Computational modeling through organ-on-chip
Computational modeling of crosstalk of adipocytes and β-cell in insulin-glucose pathway through organ-on-chip
Obesity is a key risk factor of type 2 diabetes mellitus (T2DM). Obesity-associated insulin resistance (IR), followed by a gradual decline in pancreatic β-cell function, leads to T2DM. However, studies have reported that β-cell function may also increase with adiposity independent of IR. Also, adipokines are reported to play a protective role for β-cells in the context of T2DM. As the secretory patterns of visceral adipose tissue (VAT) and subcutaneous adipose tissue (SAT) are different, their impacts over β-cells are expected to differ. Reports of non-obese T2DM (having a greater proportion of VAT) with predominant β-cell defect as a distinct clinicopathological entity makes a case for investigating the crosstalk between adipose tissue and pancreatic β-cells in T2DM pathogenesis for non-obese people. Hence, we propose to include the role of VAT and SAT over β-cells in the conventional model of insulin-glucose (IG) pathway as an extended IG (XIG) pathway. A study based on clinical data to identify distinct patho clinical clusters among patients with uncontrolled type 2 diabetes has been made by the authors [1].
We propose a parameterised ordinary differential equations(ODE) model that incorporates the crosstalk between adipocytes and β-cells of the pancreas. Adequate time-series data under well-controlled experimental conditions is needed to determine the model parameters for individual subjects with different VAT and SAT proportions. In this context, a co-culture model of organ-on-chip (OOC) is considered, which accommodates the XIG pathway involving:
a. adipocytes (VAT and SAT separately) and b. β-cells of islets of Langerhans.
Such an OOC would allow regulated administration of glucose to excite the XIG pathway and observe the resulting changes in insulin and various adipokines and gather time-series data (at all time points) to identify the model parameters. This model augments Bergman’s minimal model [2] to include the role of adipokines.

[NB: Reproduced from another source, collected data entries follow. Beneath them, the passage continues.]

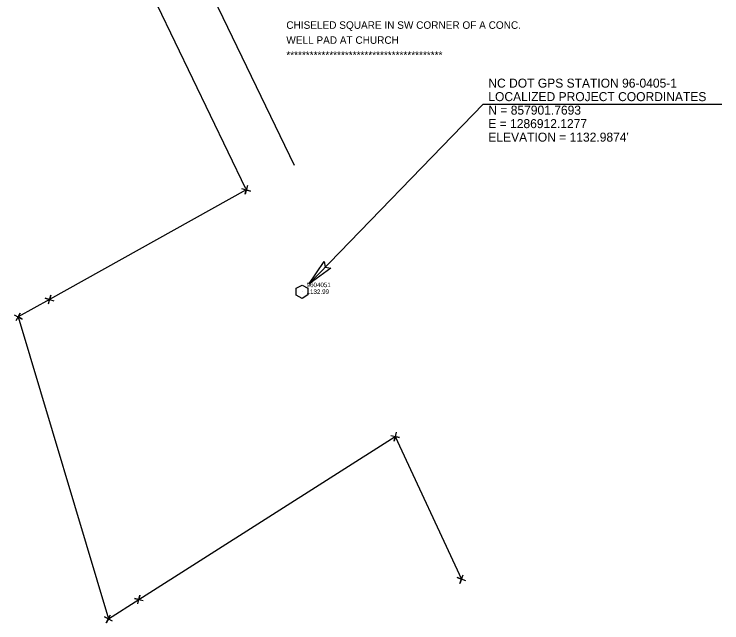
# Model space of a CAD drawing. Extents: x 1286007 to 1287145, y 857718 to 858514.
# Drawn here: x 1286752.2 to 1287145.3, y 857717.9 to 858055.9 of the extents above; entities that cross this region are included whole.
import ezdxf

# ---------------------------------------------------------------- set-up
doc = ezdxf.new("R2010")
doc.units = 0
for name, color, linetype in [('CTL GPS Vertical CELL', 7, 'Continuous'), ('CTL GPS Vertical Cogo Elevation', 7, 'Continuous'), ('CTL GPS Vertical Cogo Number', 7, 'Continuous'), ('CTL GPS Vertical Text', 7, 'Continuous'), ('CTL Sheet Text', 7, 'Continuous'), ('Default', 7, 'Continuous'), ('Exist Property Corner CELL', 7, 'Continuous'), ('Exist Property Line', 7, 'Continuous'), ('Exist Right of Way Line', 7, 'Continuous'), ('Old_Level_11', 7, 'Continuous')]:
    doc.layers.add(name, color=color, linetype=linetype)

msp = doc.modelspace()

# ---------------------------------------------------------------- linework, layer by layer
at = {"layer": 'CTL GPS Vertical CELL'}
msp.add_line((1286912.13, 857901.77), (1286912.13, 857901.77), dxfattribs=at)
msp.add_lwpolyline([(1286908.9, 857903.64), (1286912.15, 857905.45), (1286915.4, 857903.67), (1286915.35, 857899.94), (1286912.1, 857898.05), (1286908.9, 857899.87)], close=True, dxfattribs=at)
at = {"layer": 'Default'}
msp.add_line((1287012.68, 858005.86), (1287145.28, 858005.86), dxfattribs=at)
msp.add_lwpolyline([(1286915.93, 857905.99), (1287012.68, 858005.86)], dxfattribs=at)
at = {"layer": 'Exist Property Corner CELL'}
for p, q in [((1286881.13, 857958.26), (1286881.13, 857958.26)), ((1286771.87, 857897.44), (1286771.87, 857897.44)), ((1286754.4, 857887.71), (1286754.4, 857887.71)), ((1286963.79, 857821.25), (1286963.79, 857821.25)), ((1287000.67, 857742.14), (1287000.67, 857742.14)), ((1286821.45, 857730.79), (1286821.45, 857730.79)), ((1286804.57, 857720.06), (1286804.57, 857720.06))]:
    msp.add_line(p, q, dxfattribs=at)
for points in [[(1286881.82, 857960.67), (1286880.45, 857955.86), (1286881.13, 857958.26), (1286883.54, 857957.58), (1286878.73, 857958.95)], [(1286771.19, 857895.04), (1286772.56, 857899.85), (1286771.87, 857897.44), (1286769.47, 857898.13), (1286774.28, 857896.76)], [(1286752.2, 857888.9), (1286756.6, 857886.53), (1286754.4, 857887.71), (1286755.58, 857889.92), (1286753.21, 857885.51)], [(1286964.34, 857823.69), (1286963.25, 857818.81), (1286963.79, 857821.25), (1286966.23, 857820.7), (1286961.35, 857821.79)], [(1287003.02, 857741.28), (1286998.32, 857743), (1287000.67, 857742.14), (1286999.82, 857739.79), (1287001.53, 857744.49)], [(1286820.91, 857728.35), (1286822, 857733.23), (1286821.45, 857730.79), (1286819.01, 857731.33), (1286823.89, 857730.25)], [(1286806.77, 857718.88), (1286802.37, 857721.25), (1286804.57, 857720.06), (1286803.39, 857717.86), (1286805.76, 857722.26)]]:
    msp.add_lwpolyline(points, dxfattribs=at)
at = {"layer": 'Exist Property Line'}
for p, q in [((1286881.13, 857958.26), (1286771.87, 857897.44)), ((1286771.87, 857897.44), (1286754.4, 857887.71)), ((1286754.4, 857887.71), (1286804.57, 857720.06)), ((1286821.45, 857730.79), (1286963.79, 857821.25)), ((1286963.79, 857821.25), (1287000.67, 857742.14)), ((1286804.57, 857720.06), (1286821.45, 857730.79))]:
    msp.add_line(p, q, dxfattribs=at)
at = {"layer": 'Exist Right of Way Line'}
for p, q in [((1286858.72, 858073.71), (1286907.81, 857972.01)), ((1286831.62, 858060.85), (1286880.71, 857959.15))]:
    msp.add_line(p, q, dxfattribs=at)
at = {"layer": 'Old_Level_11'}
msp.add_lwpolyline([(1286928.01, 857914.83), (1286915.93, 857905.99), (1286924.35, 857918.47), (1286924.93, 857915.29)], close=True, dxfattribs=at)

# ---------------------------------------------------------------- texts
at = {"layer": 'CTL GPS Vertical Cogo Elevation'}
msp.add_text('1132.99', height=2.5, dxfattribs=at).set_placement((1286914.63, 857900.52))
at = {"layer": 'CTL GPS Vertical Cogo Number'}
msp.add_text('9604051', height=2.5, dxfattribs=at).set_placement((1286914.63, 857904.27))
at = {"layer": 'CTL GPS Vertical Text'}
for s, p in [('NC DOT GPS STATION 96-0405-1', (1287015.58, 858015.08)), ('LOCALIZED PROJECT COORDINATES', (1287015.58, 858007.58)), ('N = 857901.7693', (1287015.57, 858000.08)), ('E = 1286912.1277', (1287015.57, 857992.58)), ("ELEVATION = 1132.9874'", (1287015.57, 857985.08))]:
    msp.add_text(s, height=5, rotation=359.9944, dxfattribs=at).set_placement(p)
at = {"layer": 'CTL Sheet Text'}
for s, p in [('CHISELED SQUARE IN SW CORNER OF A CONC.', (1286903.37, 858047.73)), ('WELL PAD AT CHURCH', (1286903.37, 858039.4)), ('****************************************', (1286903.37, 858031.07))]:
    msp.add_text(s, height=4.1667, dxfattribs=at).set_placement(p)

doc.saveas('drawing.dxf')
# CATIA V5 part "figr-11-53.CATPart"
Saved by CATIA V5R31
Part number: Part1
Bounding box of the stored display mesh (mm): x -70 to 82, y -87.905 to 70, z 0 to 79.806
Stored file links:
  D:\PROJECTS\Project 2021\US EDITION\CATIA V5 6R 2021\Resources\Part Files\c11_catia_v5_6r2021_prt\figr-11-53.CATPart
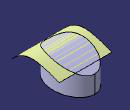
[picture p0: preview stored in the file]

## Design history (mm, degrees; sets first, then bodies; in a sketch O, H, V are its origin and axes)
Set1
  Extrude1: Element1 Sketch2, Lim1 82, Lim2 70, Direction yz-plane
Body1 (main body)
  Sketch1 on xy-plane, origin (0, 0, 0), H (1, 0, 0), V (0, 1, 0)
    ellipse A1 centre (0, 0) semi-axes 70, 50 rotation 90
    point P1 (50, 0)
    coincidence: P1 H, A1 P1
  Pad1: profile Sketch1, direction (0, 0, 1), length 84
  Split1: SplitPlane Extrude1
  Sketch2 on yz-plane, origin (0, 0, 0), H (0, 1, 0), V (0, 0, 1)
    spline S1 through (-87.9047, 49.8062) (-27.9047, 79.8062) (23.1382, 69.0456) (49.2374, 59.3792)

This model enables experimental estimation of parameters (patient-specific corresponding to individual body distribution of VAT and SAT differing across age groups, sex, ethnicity, etc.) governing the working of the model. Subsequently, it would be desirable to determine the ranges of various parameters and limit the observables needed to model these pathways in patients. In the OOC, adipocytes (VAT and SAT) are cultured in the basolateral chamber and β-cells in the apical chamber, interacting through circulating plasma via the porous membrane. Two experimental setups are proposed. The first setup will be an acute system of two hour duration, monitoring the insulin secretion by mimicking the feeding pattern and the second setup will be a long term experiment (about 24 hours) involving adipocytes from different individuals having different adipokine profiles. The second setup will monitor any difference in insulin secretion in the presence of adipokines. Use of human adipocytes and β-cell lines from mice is planned. The experiments will be performed using a single OOC involving the co-culture of adipocytes and β-cells, as in Figure 1.
Model parameter determination through time-series observations can be done using the OOC. The model behaviour across age groups, sex, ethnicity, etc. can be studied. Possible beneficial effects of cross-talk between adipose tissue and beta-cells is to be explored. This is likely to be the first study to investigate the role and dynamics of human adipose tissue secretion over beta cells in the context of non-obese T2DM. Beta cell impairment being the predominant pathology in non-obese T2DM, this study will help in identification of the precise pathology behind non-obese T2DM thereby raising the possibility of a precise prevention and therapy in non-obese T2DM. In the future, the work is expected to proceed as follows:
a) prediction of the behaviour of non-obese type 2 diabetic patients based on their glucose and insulin levels and the profile of their adipose tissue across various patient groups and
b) development of more advanced models to include the roles of liver cells in the pathophysiology of T2DM.